Assigned task ::
Repeat the entries below exactly, pictures excluded.

Exercise inputs ::

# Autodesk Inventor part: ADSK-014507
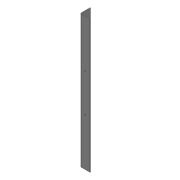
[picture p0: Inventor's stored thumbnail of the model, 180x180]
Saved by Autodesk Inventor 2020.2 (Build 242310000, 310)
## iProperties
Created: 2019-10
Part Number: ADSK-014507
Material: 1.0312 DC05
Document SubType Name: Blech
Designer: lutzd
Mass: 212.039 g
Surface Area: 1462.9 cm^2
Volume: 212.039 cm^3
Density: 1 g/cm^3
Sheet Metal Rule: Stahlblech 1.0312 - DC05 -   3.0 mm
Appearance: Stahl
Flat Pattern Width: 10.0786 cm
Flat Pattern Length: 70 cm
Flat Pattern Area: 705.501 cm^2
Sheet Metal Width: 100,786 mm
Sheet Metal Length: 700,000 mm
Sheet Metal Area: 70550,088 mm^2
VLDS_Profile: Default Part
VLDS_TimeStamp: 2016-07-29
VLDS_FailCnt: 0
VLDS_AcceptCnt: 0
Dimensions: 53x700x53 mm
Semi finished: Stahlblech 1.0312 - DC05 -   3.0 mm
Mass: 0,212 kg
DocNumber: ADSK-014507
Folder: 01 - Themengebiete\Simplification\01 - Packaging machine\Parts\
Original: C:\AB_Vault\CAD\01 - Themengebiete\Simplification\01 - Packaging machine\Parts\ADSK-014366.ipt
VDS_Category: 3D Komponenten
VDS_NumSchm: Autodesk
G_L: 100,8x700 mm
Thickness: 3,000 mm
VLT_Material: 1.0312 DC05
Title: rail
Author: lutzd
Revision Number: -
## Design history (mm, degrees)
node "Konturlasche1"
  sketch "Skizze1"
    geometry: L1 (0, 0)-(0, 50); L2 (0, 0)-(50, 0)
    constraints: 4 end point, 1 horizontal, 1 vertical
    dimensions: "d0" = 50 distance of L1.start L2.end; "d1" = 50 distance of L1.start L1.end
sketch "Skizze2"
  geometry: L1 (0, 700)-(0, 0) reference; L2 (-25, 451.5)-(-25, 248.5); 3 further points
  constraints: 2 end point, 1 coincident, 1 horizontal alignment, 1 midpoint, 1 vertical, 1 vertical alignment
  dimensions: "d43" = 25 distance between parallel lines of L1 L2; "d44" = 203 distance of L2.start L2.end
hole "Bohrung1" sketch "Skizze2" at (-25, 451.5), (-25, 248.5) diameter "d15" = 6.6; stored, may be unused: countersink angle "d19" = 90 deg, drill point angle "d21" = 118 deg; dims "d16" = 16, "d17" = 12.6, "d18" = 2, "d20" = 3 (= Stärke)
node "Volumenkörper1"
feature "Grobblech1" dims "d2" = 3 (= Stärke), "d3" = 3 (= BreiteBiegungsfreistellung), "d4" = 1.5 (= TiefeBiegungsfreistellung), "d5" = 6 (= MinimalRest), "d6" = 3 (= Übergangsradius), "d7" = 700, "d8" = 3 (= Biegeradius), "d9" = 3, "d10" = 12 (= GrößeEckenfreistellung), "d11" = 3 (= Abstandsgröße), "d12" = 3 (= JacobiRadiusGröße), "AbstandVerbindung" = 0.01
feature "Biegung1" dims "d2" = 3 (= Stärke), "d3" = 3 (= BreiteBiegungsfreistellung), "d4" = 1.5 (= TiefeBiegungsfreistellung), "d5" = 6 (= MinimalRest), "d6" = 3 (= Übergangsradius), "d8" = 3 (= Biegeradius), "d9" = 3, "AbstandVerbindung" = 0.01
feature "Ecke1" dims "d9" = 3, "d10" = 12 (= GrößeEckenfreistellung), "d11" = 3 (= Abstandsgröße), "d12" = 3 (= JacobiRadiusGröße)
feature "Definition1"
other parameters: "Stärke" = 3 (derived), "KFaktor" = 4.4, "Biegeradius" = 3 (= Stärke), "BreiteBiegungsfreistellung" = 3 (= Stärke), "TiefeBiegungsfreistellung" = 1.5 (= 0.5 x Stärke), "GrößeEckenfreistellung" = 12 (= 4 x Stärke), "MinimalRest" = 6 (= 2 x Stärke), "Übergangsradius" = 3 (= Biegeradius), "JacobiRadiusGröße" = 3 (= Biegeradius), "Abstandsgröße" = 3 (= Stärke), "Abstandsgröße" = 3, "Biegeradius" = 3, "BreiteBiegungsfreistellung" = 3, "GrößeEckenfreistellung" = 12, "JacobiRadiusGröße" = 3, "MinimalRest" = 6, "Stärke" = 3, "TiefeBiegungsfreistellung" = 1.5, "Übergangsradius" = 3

Reply to the task ::
# Autodesk Inventor part: ADSK-014507
[picture p0: Inventor's stored thumbnail of the model, 180x180]
Saved by Autodesk Inventor 2020.2 (Build 242310000, 310)
## iProperties
Created: 2019-10
Part Number: ADSK-014507
Material: 1.0312 DC05
Document SubType Name: Blech
Designer: lutzd
Mass: 212.039 g
Surface Area: 1462.9 cm^2
Volume: 212.039 cm^3
Density: 1 g/cm^3
Sheet Metal Rule: Stahlblech 1.0312 - DC05 -   3.0 mm
Appearance: Stahl
Flat Pattern Width: 10.0786 cm
Flat Pattern Length: 70 cm
Flat Pattern Area: 705.501 cm^2
Sheet Metal Width: 100,786 mm
Sheet Metal Length: 700,000 mm
Sheet Metal Area: 70550,088 mm^2
VLDS_Profile: Default Part
VLDS_TimeStamp: 2016-07-29
VLDS_FailCnt: 0
VLDS_AcceptCnt: 0
Dimensions: 53x700x53 mm
Semi finished: Stahlblech 1.0312 - DC05 -   3.0 mm
Mass: 0,212 kg
DocNumber: ADSK-014507
Folder: 01 - Themengebiete\Simplification\01 - Packaging machine\Parts\
Original: C:\AB_Vault\CAD\01 - Themengebiete\Simplification\01 - Packaging machine\Parts\ADSK-014366.ipt
VDS_Category: 3D Komponenten
VDS_NumSchm: Autodesk
G_L: 100,8x700 mm
Thickness: 3,000 mm
VLT_Material: 1.0312 DC05
Title: rail
Author: lutzd
Revision Number: -
## Design history (mm, degrees)
node "Konturlasche1"
  sketch "Skizze1"
    geometry: L1 (0, 0)-(0, 50); L2 (0, 0)-(50, 0)
    constraints: 4 end point, 1 horizontal, 1 vertical
    dimensions: "d0" = 50 distance of L1.start L2.end; "d1" = 50 distance of L1.start L1.end
sketch "Skizze2"
  geometry: L1 (0, 700)-(0, 0) reference; L2 (-25, 451.5)-(-25, 248.5); 3 further points
  constraints: 2 end point, 1 coincident, 1 horizontal alignment, 1 midpoint, 1 vertical, 1 vertical alignment
  dimensions: "d43" = 25 distance between parallel lines of L1 L2; "d44" = 203 distance of L2.start L2.end
hole "Bohrung1" sketch "Skizze2" at (-25, 451.5), (-25, 248.5) diameter "d15" = 6.6; stored, may be unused: countersink angle "d19" = 90 deg, drill point angle "d21" = 118 deg; dims "d16" = 16, "d17" = 12.6, "d18" = 2, "d20" = 3 (= Stärke)
node "Volumenkörper1"
feature "Grobblech1" dims "d2" = 3 (= Stärke), "d3" = 3 (= BreiteBiegungsfreistellung), "d4" = 1.5 (= TiefeBiegungsfreistellung), "d5" = 6 (= MinimalRest), "d6" = 3 (= Übergangsradius), "d7" = 700, "d8" = 3 (= Biegeradius), "d9" = 3, "d10" = 12 (= GrößeEckenfreistellung), "d11" = 3 (= Abstandsgröße), "d12" = 3 (= JacobiRadiusGröße), "AbstandVerbindung" = 0.01
feature "Biegung1" dims "d2" = 3 (= Stärke), "d3" = 3 (= BreiteBiegungsfreistellung), "d4" = 1.5 (= TiefeBiegungsfreistellung), "d5" = 6 (= MinimalRest), "d6" = 3 (= Übergangsradius), "d8" = 3 (= Biegeradius), "d9" = 3, "AbstandVerbindung" = 0.01
feature "Ecke1" dims "d9" = 3, "d10" = 12 (= GrößeEckenfreistellung), "d11" = 3 (= Abstandsgröße), "d12" = 3 (= JacobiRadiusGröße)
feature "Definition1"
other parameters: "Stärke" = 3 (derived), "KFaktor" = 4.4, "Biegeradius" = 3 (= Stärke), "BreiteBiegungsfreistellung" = 3 (= Stärke), "TiefeBiegungsfreistellung" = 1.5 (= 0.5 x Stärke), "GrößeEckenfreistellung" = 12 (= 4 x Stärke), "MinimalRest" = 6 (= 2 x Stärke), "Übergangsradius" = 3 (= Biegeradius), "JacobiRadiusGröße" = 3 (= Biegeradius), "Abstandsgröße" = 3 (= Stärke), "Abstandsgröße" = 3, "Biegeradius" = 3, "BreiteBiegungsfreistellung" = 3, "GrößeEckenfreistellung" = 12, "JacobiRadiusGröße" = 3, "MinimalRest" = 6, "Stärke" = 3, "TiefeBiegungsfreistellung" = 1.5, "Übergangsradius" = 3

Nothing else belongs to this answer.